### INPUT FOR THIS TASK
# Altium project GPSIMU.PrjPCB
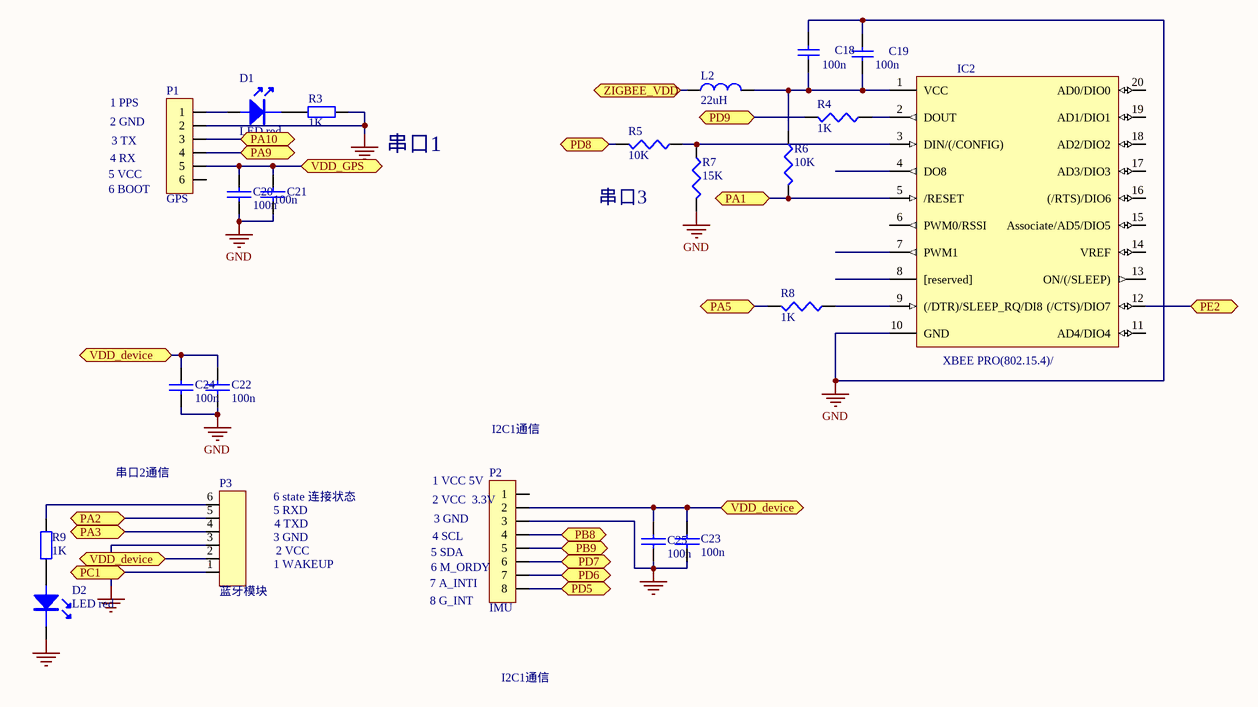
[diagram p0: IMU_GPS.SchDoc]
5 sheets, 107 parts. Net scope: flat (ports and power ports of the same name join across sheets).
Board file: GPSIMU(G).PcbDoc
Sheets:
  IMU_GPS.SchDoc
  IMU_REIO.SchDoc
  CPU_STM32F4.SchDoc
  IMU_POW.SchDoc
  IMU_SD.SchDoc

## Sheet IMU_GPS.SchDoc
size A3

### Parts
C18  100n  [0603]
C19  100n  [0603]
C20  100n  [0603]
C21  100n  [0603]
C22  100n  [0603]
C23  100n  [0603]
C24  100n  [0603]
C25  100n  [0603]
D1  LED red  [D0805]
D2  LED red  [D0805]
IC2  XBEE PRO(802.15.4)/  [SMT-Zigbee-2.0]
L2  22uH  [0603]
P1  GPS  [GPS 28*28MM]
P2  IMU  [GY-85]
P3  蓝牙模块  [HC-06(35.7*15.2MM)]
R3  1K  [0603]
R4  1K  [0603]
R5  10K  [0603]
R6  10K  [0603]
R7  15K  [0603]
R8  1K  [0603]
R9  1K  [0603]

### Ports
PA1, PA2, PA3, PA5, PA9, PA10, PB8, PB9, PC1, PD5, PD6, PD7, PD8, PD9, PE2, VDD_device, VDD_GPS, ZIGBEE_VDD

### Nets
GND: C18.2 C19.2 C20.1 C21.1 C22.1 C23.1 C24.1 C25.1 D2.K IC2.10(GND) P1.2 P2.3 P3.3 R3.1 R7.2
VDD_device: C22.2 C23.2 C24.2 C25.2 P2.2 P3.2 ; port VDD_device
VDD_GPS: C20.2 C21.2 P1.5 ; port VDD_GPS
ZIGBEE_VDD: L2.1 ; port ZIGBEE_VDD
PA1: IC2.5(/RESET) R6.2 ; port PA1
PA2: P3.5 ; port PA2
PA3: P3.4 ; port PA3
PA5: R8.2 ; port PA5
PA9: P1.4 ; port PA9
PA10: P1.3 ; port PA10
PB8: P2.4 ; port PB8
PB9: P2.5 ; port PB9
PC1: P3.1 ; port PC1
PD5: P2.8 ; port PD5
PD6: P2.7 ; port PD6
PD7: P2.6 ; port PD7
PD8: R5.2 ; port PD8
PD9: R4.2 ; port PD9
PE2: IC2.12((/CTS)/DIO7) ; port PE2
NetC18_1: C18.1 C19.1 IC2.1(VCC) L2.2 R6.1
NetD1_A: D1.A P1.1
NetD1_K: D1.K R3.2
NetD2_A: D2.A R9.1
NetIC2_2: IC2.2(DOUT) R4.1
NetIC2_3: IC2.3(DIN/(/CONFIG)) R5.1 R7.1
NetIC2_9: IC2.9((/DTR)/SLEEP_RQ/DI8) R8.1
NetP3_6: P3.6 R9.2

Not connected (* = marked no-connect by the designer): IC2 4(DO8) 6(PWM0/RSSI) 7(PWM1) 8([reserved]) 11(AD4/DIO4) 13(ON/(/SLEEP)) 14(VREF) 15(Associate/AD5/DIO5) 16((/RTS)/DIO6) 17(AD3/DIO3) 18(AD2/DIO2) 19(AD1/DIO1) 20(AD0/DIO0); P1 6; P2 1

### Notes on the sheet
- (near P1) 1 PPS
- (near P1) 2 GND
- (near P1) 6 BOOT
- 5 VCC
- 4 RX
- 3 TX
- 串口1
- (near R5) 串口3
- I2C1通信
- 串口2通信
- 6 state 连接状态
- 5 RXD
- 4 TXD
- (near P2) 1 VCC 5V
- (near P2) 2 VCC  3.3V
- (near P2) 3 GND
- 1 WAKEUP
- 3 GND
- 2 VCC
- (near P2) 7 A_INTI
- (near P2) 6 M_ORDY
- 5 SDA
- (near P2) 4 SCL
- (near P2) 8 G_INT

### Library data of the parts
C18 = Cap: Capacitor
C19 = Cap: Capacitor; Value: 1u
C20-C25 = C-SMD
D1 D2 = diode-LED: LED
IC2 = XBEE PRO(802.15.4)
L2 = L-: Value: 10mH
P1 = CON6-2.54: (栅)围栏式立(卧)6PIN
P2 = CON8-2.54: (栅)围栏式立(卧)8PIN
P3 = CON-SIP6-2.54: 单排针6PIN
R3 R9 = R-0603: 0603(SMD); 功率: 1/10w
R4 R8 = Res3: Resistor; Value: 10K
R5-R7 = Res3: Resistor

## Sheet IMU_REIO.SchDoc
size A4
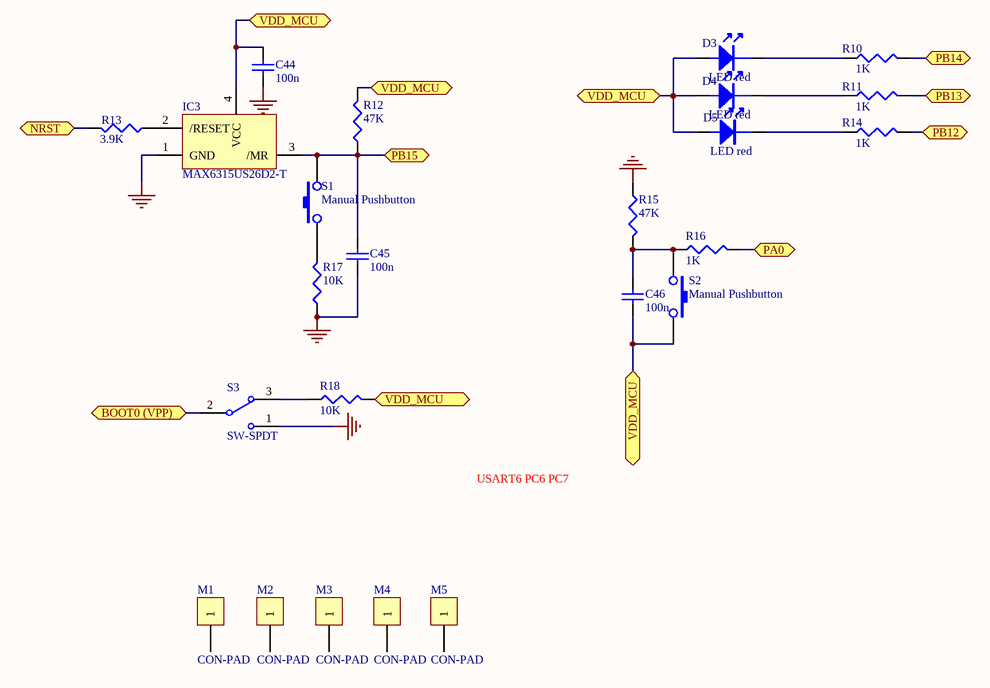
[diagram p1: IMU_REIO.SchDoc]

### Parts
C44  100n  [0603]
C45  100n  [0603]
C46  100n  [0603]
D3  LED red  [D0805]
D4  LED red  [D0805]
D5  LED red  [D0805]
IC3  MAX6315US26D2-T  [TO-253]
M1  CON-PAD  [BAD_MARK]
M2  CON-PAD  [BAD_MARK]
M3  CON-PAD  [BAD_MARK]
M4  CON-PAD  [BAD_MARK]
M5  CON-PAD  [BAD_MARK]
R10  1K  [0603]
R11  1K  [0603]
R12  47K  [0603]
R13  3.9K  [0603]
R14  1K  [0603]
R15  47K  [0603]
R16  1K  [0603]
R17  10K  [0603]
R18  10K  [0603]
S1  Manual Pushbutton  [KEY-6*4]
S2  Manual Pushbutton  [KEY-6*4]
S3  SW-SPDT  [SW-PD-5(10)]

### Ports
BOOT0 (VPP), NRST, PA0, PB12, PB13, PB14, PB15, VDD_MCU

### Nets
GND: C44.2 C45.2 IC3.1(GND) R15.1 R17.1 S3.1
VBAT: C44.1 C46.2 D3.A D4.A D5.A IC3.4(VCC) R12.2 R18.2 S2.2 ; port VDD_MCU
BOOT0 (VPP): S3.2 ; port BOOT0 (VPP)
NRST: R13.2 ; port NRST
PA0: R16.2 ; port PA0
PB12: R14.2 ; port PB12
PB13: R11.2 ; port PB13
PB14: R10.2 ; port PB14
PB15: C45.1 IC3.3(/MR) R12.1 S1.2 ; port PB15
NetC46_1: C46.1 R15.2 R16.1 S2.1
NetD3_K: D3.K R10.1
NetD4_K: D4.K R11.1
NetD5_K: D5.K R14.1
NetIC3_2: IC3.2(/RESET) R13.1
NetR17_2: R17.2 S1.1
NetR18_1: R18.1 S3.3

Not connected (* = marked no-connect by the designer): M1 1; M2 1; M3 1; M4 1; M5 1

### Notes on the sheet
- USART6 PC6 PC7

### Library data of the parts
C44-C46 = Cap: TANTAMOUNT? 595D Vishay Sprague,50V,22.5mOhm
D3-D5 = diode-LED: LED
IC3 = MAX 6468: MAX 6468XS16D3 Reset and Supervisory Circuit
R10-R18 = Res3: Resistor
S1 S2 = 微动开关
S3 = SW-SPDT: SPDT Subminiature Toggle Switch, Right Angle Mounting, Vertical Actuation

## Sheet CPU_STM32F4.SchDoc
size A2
######
### TASK BRIEF
Transcribe every line of the records exactly. Pictures do not belong in the copy.

### THE ANSWER
# Altium project GPSIMU.PrjPCB
[diagram p0: IMU_GPS.SchDoc]
5 sheets, 107 parts. Net scope: flat (ports and power ports of the same name join across sheets).
Board file: GPSIMU(G).PcbDoc
Sheets:
  IMU_GPS.SchDoc
  IMU_REIO.SchDoc
  CPU_STM32F4.SchDoc
  IMU_POW.SchDoc
  IMU_SD.SchDoc

## Sheet IMU_GPS.SchDoc
size A3

### Parts
C18  100n  [0603]
C19  100n  [0603]
C20  100n  [0603]
C21  100n  [0603]
C22  100n  [0603]
C23  100n  [0603]
C24  100n  [0603]
C25  100n  [0603]
D1  LED red  [D0805]
D2  LED red  [D0805]
IC2  XBEE PRO(802.15.4)/  [SMT-Zigbee-2.0]
L2  22uH  [0603]
P1  GPS  [GPS 28*28MM]
P2  IMU  [GY-85]
P3  蓝牙模块  [HC-06(35.7*15.2MM)]
R3  1K  [0603]
R4  1K  [0603]
R5  10K  [0603]
R6  10K  [0603]
R7  15K  [0603]
R8  1K  [0603]
R9  1K  [0603]

### Ports
PA1, PA2, PA3, PA5, PA9, PA10, PB8, PB9, PC1, PD5, PD6, PD7, PD8, PD9, PE2, VDD_device, VDD_GPS, ZIGBEE_VDD

### Nets
GND: C18.2 C19.2 C20.1 C21.1 C22.1 C23.1 C24.1 C25.1 D2.K IC2.10(GND) P1.2 P2.3 P3.3 R3.1 R7.2
VDD_device: C22.2 C23.2 C24.2 C25.2 P2.2 P3.2 ; port VDD_device
VDD_GPS: C20.2 C21.2 P1.5 ; port VDD_GPS
ZIGBEE_VDD: L2.1 ; port ZIGBEE_VDD
PA1: IC2.5(/RESET) R6.2 ; port PA1
PA2: P3.5 ; port PA2
PA3: P3.4 ; port PA3
PA5: R8.2 ; port PA5
PA9: P1.4 ; port PA9
PA10: P1.3 ; port PA10
PB8: P2.4 ; port PB8
PB9: P2.5 ; port PB9
PC1: P3.1 ; port PC1
PD5: P2.8 ; port PD5
PD6: P2.7 ; port PD6
PD7: P2.6 ; port PD7
PD8: R5.2 ; port PD8
PD9: R4.2 ; port PD9
PE2: IC2.12((/CTS)/DIO7) ; port PE2
NetC18_1: C18.1 C19.1 IC2.1(VCC) L2.2 R6.1
NetD1_A: D1.A P1.1
NetD1_K: D1.K R3.2
NetD2_A: D2.A R9.1
NetIC2_2: IC2.2(DOUT) R4.1
NetIC2_3: IC2.3(DIN/(/CONFIG)) R5.1 R7.1
NetIC2_9: IC2.9((/DTR)/SLEEP_RQ/DI8) R8.1
NetP3_6: P3.6 R9.2

Not connected (* = marked no-connect by the designer): IC2 4(DO8) 6(PWM0/RSSI) 7(PWM1) 8([reserved]) 11(AD4/DIO4) 13(ON/(/SLEEP)) 14(VREF) 15(Associate/AD5/DIO5) 16((/RTS)/DIO6) 17(AD3/DIO3) 18(AD2/DIO2) 19(AD1/DIO1) 20(AD0/DIO0); P1 6; P2 1

### Notes on the sheet
- (near P1) 1 PPS
- (near P1) 2 GND
- (near P1) 6 BOOT
- 5 VCC
- 4 RX
- 3 TX
- 串口1
- (near R5) 串口3
- I2C1通信
- 串口2通信
- 6 state 连接状态
- 5 RXD
- 4 TXD
- (near P2) 1 VCC 5V
- (near P2) 2 VCC  3.3V
- (near P2) 3 GND
- 1 WAKEUP
- 3 GND
- 2 VCC
- (near P2) 7 A_INTI
- (near P2) 6 M_ORDY
- 5 SDA
- (near P2) 4 SCL
- (near P2) 8 G_INT

### Library data of the parts
C18 = Cap: Capacitor
C19 = Cap: Capacitor; Value: 1u
C20-C25 = C-SMD
D1 D2 = diode-LED: LED
IC2 = XBEE PRO(802.15.4)
L2 = L-: Value: 10mH
P1 = CON6-2.54: (栅)围栏式立(卧)6PIN
P2 = CON8-2.54: (栅)围栏式立(卧)8PIN
P3 = CON-SIP6-2.54: 单排针6PIN
R3 R9 = R-0603: 0603(SMD); 功率: 1/10w
R4 R8 = Res3: Resistor; Value: 10K
R5-R7 = Res3: Resistor

## Sheet IMU_REIO.SchDoc
size A4
[diagram p1: IMU_REIO.SchDoc]

### Parts
C44  100n  [0603]
C45  100n  [0603]
C46  100n  [0603]
D3  LED red  [D0805]
D4  LED red  [D0805]
D5  LED red  [D0805]
IC3  MAX6315US26D2-T  [TO-253]
M1  CON-PAD  [BAD_MARK]
M2  CON-PAD  [BAD_MARK]
M3  CON-PAD  [BAD_MARK]
M4  CON-PAD  [BAD_MARK]
M5  CON-PAD  [BAD_MARK]
R10  1K  [0603]
R11  1K  [0603]
R12  47K  [0603]
R13  3.9K  [0603]
R14  1K  [0603]
R15  47K  [0603]
R16  1K  [0603]
R17  10K  [0603]
R18  10K  [0603]
S1  Manual Pushbutton  [KEY-6*4]
S2  Manual Pushbutton  [KEY-6*4]
S3  SW-SPDT  [SW-PD-5(10)]

### Ports
BOOT0 (VPP), NRST, PA0, PB12, PB13, PB14, PB15, VDD_MCU

### Nets
GND: C44.2 C45.2 IC3.1(GND) R15.1 R17.1 S3.1
VBAT: C44.1 C46.2 D3.A D4.A D5.A IC3.4(VCC) R12.2 R18.2 S2.2 ; port VDD_MCU
BOOT0 (VPP): S3.2 ; port BOOT0 (VPP)
NRST: R13.2 ; port NRST
PA0: R16.2 ; port PA0
PB12: R14.2 ; port PB12
PB13: R11.2 ; port PB13
PB14: R10.2 ; port PB14
PB15: C45.1 IC3.3(/MR) R12.1 S1.2 ; port PB15
NetC46_1: C46.1 R15.2 R16.1 S2.1
NetD3_K: D3.K R10.1
NetD4_K: D4.K R11.1
NetD5_K: D5.K R14.1
NetIC3_2: IC3.2(/RESET) R13.1
NetR17_2: R17.2 S1.1
NetR18_1: R18.1 S3.3

Not connected (* = marked no-connect by the designer): M1 1; M2 1; M3 1; M4 1; M5 1

### Notes on the sheet
- USART6 PC6 PC7

### Library data of the parts
C44-C46 = Cap: TANTAMOUNT? 595D Vishay Sprague,50V,22.5mOhm
D3-D5 = diode-LED: LED
IC3 = MAX 6468: MAX 6468XS16D3 Reset and Supervisory Circuit
R10-R18 = Res3: Resistor
S1 S2 = 微动开关
S3 = SW-SPDT: SPDT Subminiature Toggle Switch, Right Angle Mounting, Vertical Actuation

## Sheet CPU_STM32F4.SchDoc
size A2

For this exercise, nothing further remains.